- [Work order]: Where a line below has the string "INTAKE" in it, include it in the count, and give that count alone.

Stored records
Start of Block

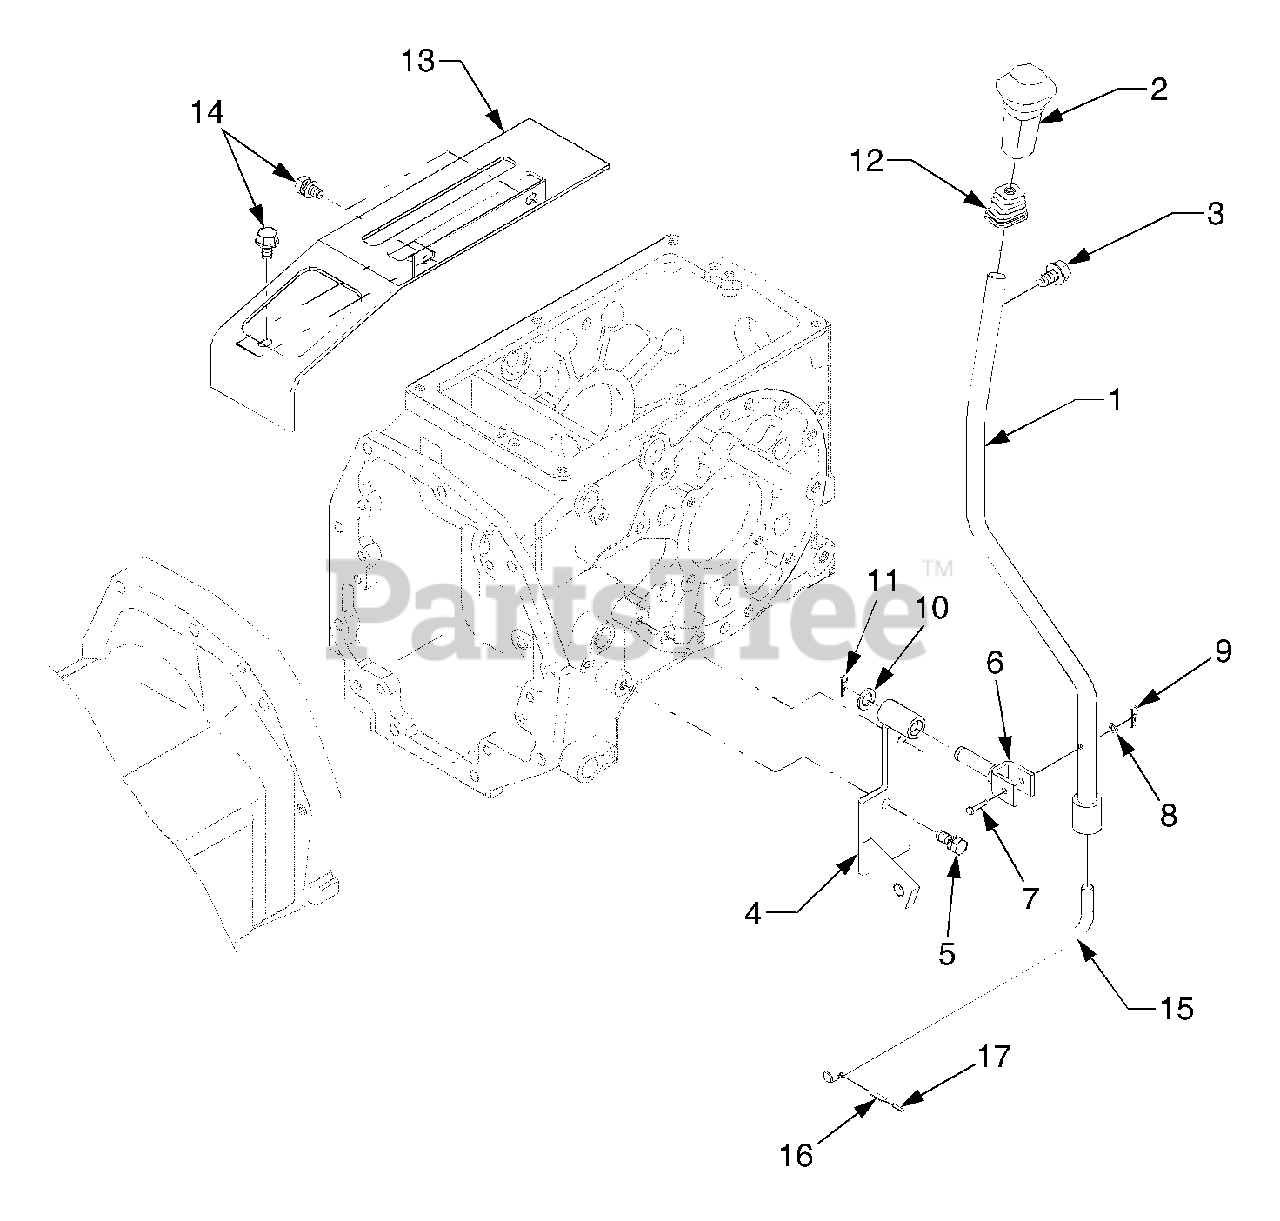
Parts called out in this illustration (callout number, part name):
1	Lever, Main Shift
2	Grip, Main Shift
4	Bracket, Main Shift
6	Pin, Main Shift
8	Washer, Plain
10	Washer, Plain
12	Boot, Main Shift
13	Guide, Shift Lever
15	Rod 1, Main Shift
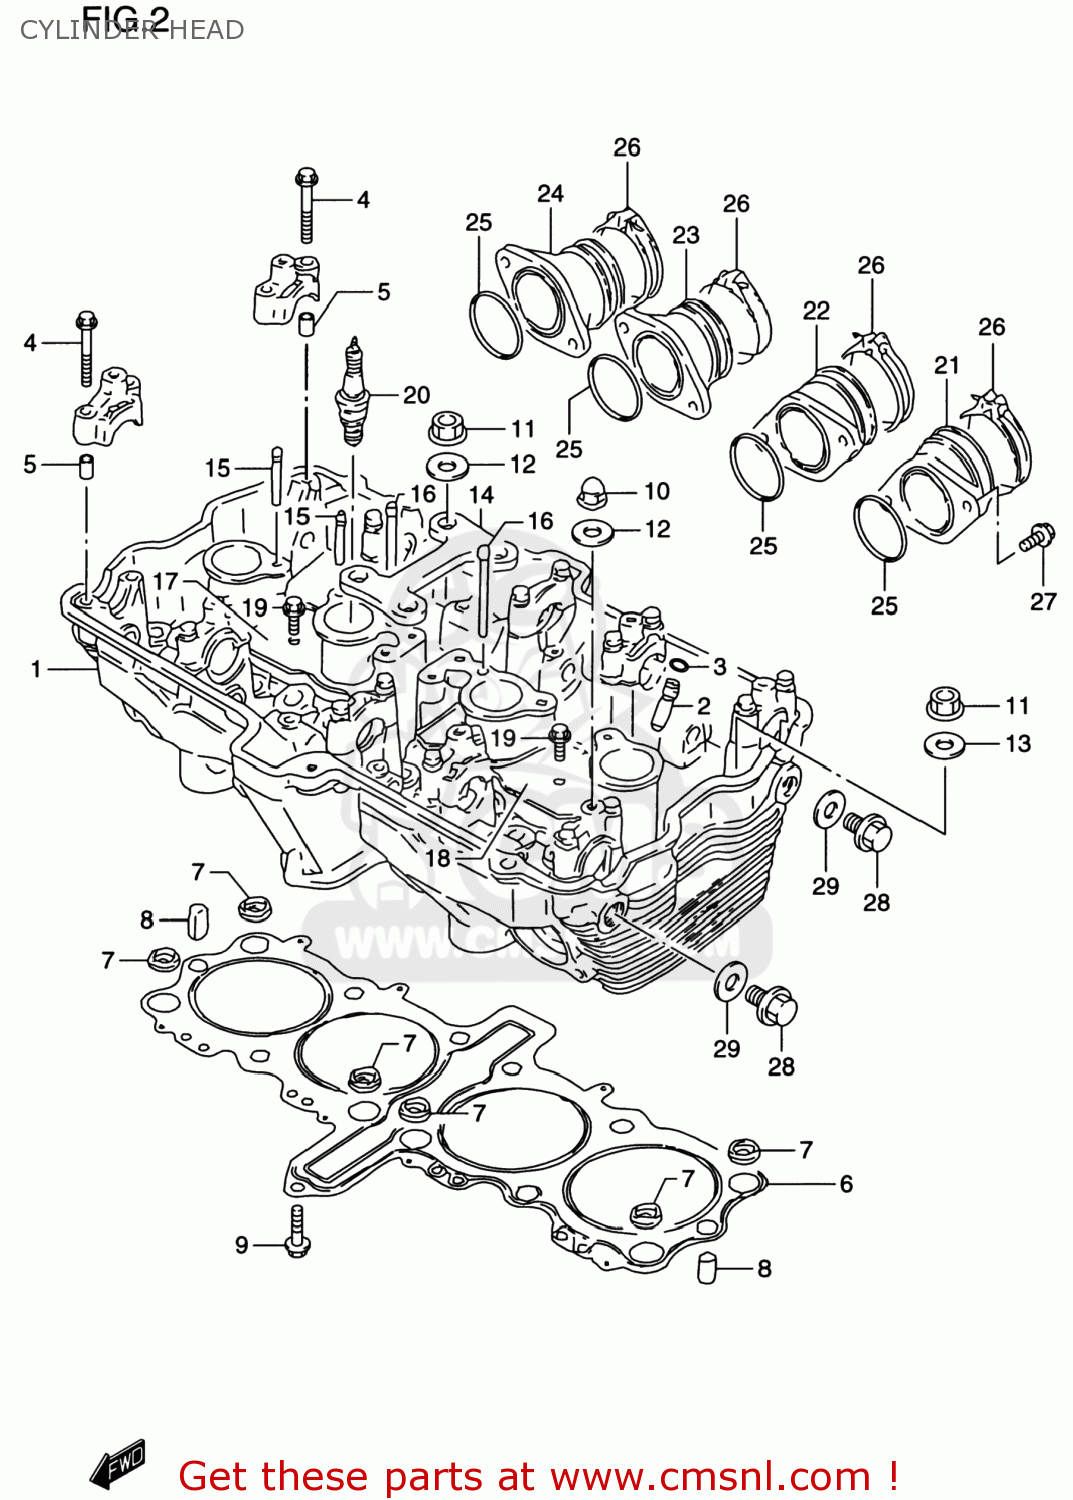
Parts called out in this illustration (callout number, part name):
1	HEAD ASSY,CYLINDER
2	GUIDE,VALVE
3	RING,SNAP
4	BOLT(6X39)
5	PIN(6.2X8X11)
6	GASKET,CYLINDER HEAD
7	O-RING,HEAD GASKET
8	PIN
9	BOLT
10	NUT
11	NUT
12	GASKET(10.2X20X2).3 (NAS)
13	WASHER (10.5X22X2.3)
14	PLATE,HEAD REINFORCEMENT
15	PIPE,OIL NO.1
16	PIPE,OIL NO.3
17	PLATE,OIL PIPE,R
18	PLATE,OIL PIPE,L
19	BOLT
20	PLUG,SPARK(JR9B)
21	PIPE,INTAKE NO.1
22	PIPE,INTAKE NO.2
23	PIPE,INTAKE NO.3
24	PIPE,INTAKE NO.4
25	O RING(D:2.4,ID:39.7)
26	CLAMP
27	BOLT MAGNETO S
28	PLUG
29	GASKET(13.8X18.8X4.8) (NAS)

End of Block

- [Written response]: 4